Iranian teachers have called for further protests just hours after the Supreme Leader failed to address nationwide school poisonings.
Khamenei had been speaking at an event for the Islamic Republic’s National Teachers’ Day with a cherry picked group of teachers. During the meeting, Khamenei discussed the country’s education system but fell short of even mentioning the months of gas attacks against the schools across Iran which have left thousands of schoolgirls sick and hospitalized.
Instead of addressing one of the biggest human rights violations of recent months, affecting over 130 schools, Khamenei talked about pushing the regime’s extremist brand of Islam in the country’s education system.
He voiced the necessity of keeping schools under state control, encouraging students to attend religious ceremonies at mosques and praised the old generation of Iranian teachers who made students go to war with Iraq from 1980 to 1988. According to Khamenei's statistics, this led to “the martyrdom of 36,000 students”.
The Coordination Council of Iranian Teachers' Trade Associations reacted quickly and issued an outraged statement on Tuesday, calling on teachers and educators to protest outside Education Ministry branches across the country and outside the parliament in Tehran on Tuesday..
The rallies were scheduled for May 9 as a tribute to Jabbar Baghcheban, also known as Mirza Jabbar Asgarzadeh, an Iranian inventor and educator born on May 9, 1886, who established the first Iranian kindergarten and the first deaf school.

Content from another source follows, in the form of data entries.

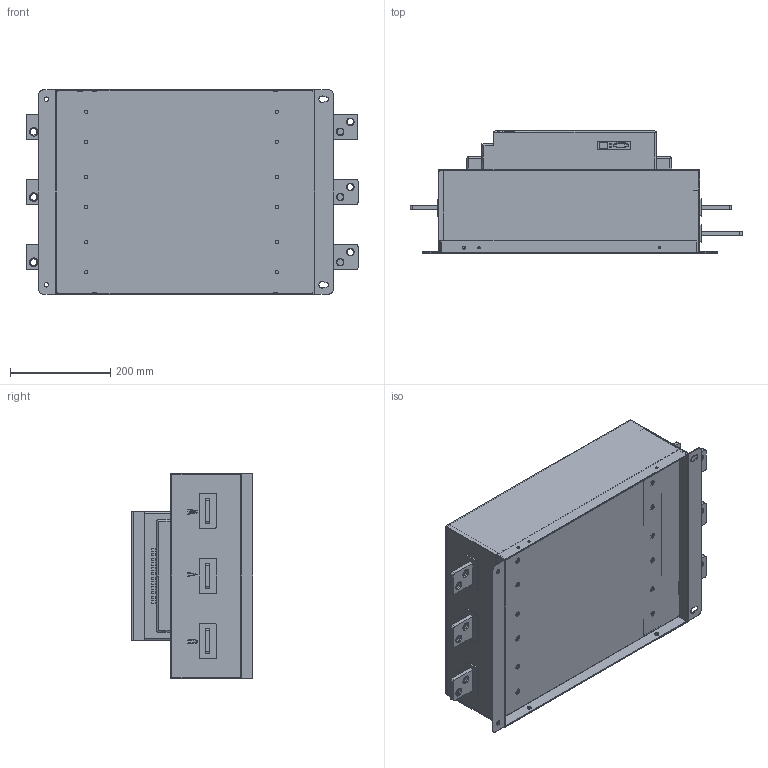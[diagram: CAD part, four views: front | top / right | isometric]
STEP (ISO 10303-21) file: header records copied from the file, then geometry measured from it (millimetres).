
FILE_DESCRIPTION (( 'STEP AP203' ), '1' );
FILE_NAME ('OptiCor S_500-600kWt.STEP', '2022-06-02T08:36:17', ( '' ), ( '' ), 'SwSTEP 2.0', 'SolidWorks 2018', '' );
FILE_SCHEMA (( 'CONFIG_CONTROL_DESIGN' ));
Length unit declared in the file: millimetre
Products named in the file (17): OptiCor S_500-600kWt; 8ZR.114.409盓傅璃^OptiCor S_500-600kWt_OptiCor S_500-600kWt; 8ZR.043.406盓殤^OptiCor S_500-600kWt_OptiCor S_500-600kWt; 8ZR.588.404絳萇啣^OptiCor S_500-600kWt_OptiCor S_500-600kWt; 8ZR.043.403盓殤^OptiCor S_500-600kWt_OptiCor S_500-600kWt; 8ZR.315.301¸Ç^OptiCor S_500-600kWt_OptiCor S_500-600kWt; 8ZR.043.409盓殤^OptiCor S_500-600kWt_OptiCor S_500-600kWt; 8ZR.069.201諷秶醱啣^OptiCor S_500-600kWt_OptiCor S_500-600kWt; 8ZR.022.403菁釱^OptiCor S_500-600kWt_OptiCor S_500-600kWt; 8ZR.860.202梓齪^OptiCor S_500-600kWt_OptiCor S_500-600kWt; 8ZR.156.405垫片^OptiCor S_500-600kWt_OptiCor S_500-600kWt; 8ZR.864.201梓齪^OptiCor S_500-600kWt_OptiCor S_500-600kWt; 8ZR.114.407盓傅璃^OptiCor S_500-600kWt_OptiCor S_500-600kWt; 8ZR.864.202梓齪^OptiCor S_500-600kWt_OptiCor S_500-600kWt; 8ZR.114.401盓傅璃^OptiCor S_500-600kWt_OptiCor S_500-600kWt; OptiCor S_500-600kWt^OptiCor S_500-600kWt; 8ZR.588.402絳萇啣^OptiCor S_500-600kWt_OptiCor S_500-600kWt
Assembly tree (30 placements, depth 3):
  OptiCor S_500-600kWt
    OptiCor S_500-600kWt^OptiCor S_500-600kWt
      8ZR.043.406盓殤^OptiCor S_500-600kWt_OptiCor S_500-600kWt
      8ZR.043.403盓殤^OptiCor S_500-600kWt_OptiCor S_500-600kWt
      8ZR.043.409盓殤^OptiCor S_500-600kWt_OptiCor S_500-600kWt
      8ZR.022.403菁釱^OptiCor S_500-600kWt_OptiCor S_500-600kWt
      8ZR.156.405垫片^OptiCor S_500-600kWt_OptiCor S_500-600kWt
      8ZR.114.407盓傅璃^OptiCor S_500-600kWt_OptiCor S_500-600kWt  x2
      8ZR.114.401盓傅璃^OptiCor S_500-600kWt_OptiCor S_500-600kWt  x9
      8ZR.588.402絳萇啣^OptiCor S_500-600kWt_OptiCor S_500-600kWt  x3
      8ZR.114.409盓傅璃^OptiCor S_500-600kWt_OptiCor S_500-600kWt  x3
      8ZR.588.404絳萇啣^OptiCor S_500-600kWt_OptiCor S_500-600kWt  x3
      8ZR.315.301¸Ç^OptiCor S_500-600kWt_OptiCor S_500-600kWt
      8ZR.069.201諷秶醱啣^OptiCor S_500-600kWt_OptiCor S_500-600kWt
      8ZR.864.201梓齪^OptiCor S_500-600kWt_OptiCor S_500-600kWt
      8ZR.864.202梓齪^OptiCor S_500-600kWt_OptiCor S_500-600kWt
  8ZR.860.202梓齪^OptiCor S_500-600kWt_OptiCor S_500-600kWt
Bounding box: 662 x 243 x 410 mm (x, y, z)
Volume: 3305979.2 mm3; surface area: 2802518 mm2
Topology: 29 solids, 29 shells, 2058 faces, 6202 edges, 4274 vertices
Faces by surface type: bspline 2058
Entity records: 68770 total; most frequent: CARTESIAN_POINT 42029, ORIENTED_EDGE 8196, EDGE_CURVE 4098, B_SPLINE_CURVE_WITH_KNOTS 3636, VERTEX_POINT 2906, EDGE_LOOP 1714, FACE_OUTER_BOUND 1316, ADVANCED_FACE 1316

The council stressed the necessity of ending the "dominance of the ruling totalitarian ideology" in Iranian schools, claiming the current incompetent managers of the educational system should be replaced by those educated under more modern, secular pedagogy.
In addition to their usual demands such as better salaries and working conditions, the teachers’ council reiterated that Iran’s education system will not improve without a fundamental change.
"Without a deep and critical review of the intellectual and political foundations of the ruling ideology; without critical restructuring in school governance and management practices; without accepting the individual, cultural and social differences of students; … and without fundamental changes in the existing and failed mechanisms of school administration, the education system in the country will not bear fruits,” read their statement.
They also voiced support for the recent wave of protests by teachers and families of students who have been victims of mysterious chemical attacks on schools, which have been going on for at least six months.
While Khamenei was delivering his speech, more videos surfaced on social media of at least six schools that were attacked by an unknown chemical that has affected scores of mostly girls’ schools, since November.
In the videos, parents are seen anxiously comforting their children suffering from symptoms such as nausea and dizziness, while other videos showed ambulances taking students to hospital. Similar attacks were also reported both a day before Khamenei’s speech and a day after it on Monday and Wednesday.
The attacks have been condemned on the global stage by the likes of the UN and US, with calls for the regime to find the culprits, though it is unlikely attacks of such a scale could be perpetrated without the tacit approval of Tehran.
One of the schools in the Kurdish-majority of Sanandaj was raided by security forces after the latest attack, not to arrest the assailants but to beat the students and parents who showed anger at the regime’s handling of the issue.
In one video showing people running with panic through the corridors of a hospital, a woman is heard saying the girl filmed was hit on the head with a baton. Over 500 civilians have died at the hands of such brutality since protests against the regime began in September, with thousands more imprisoned.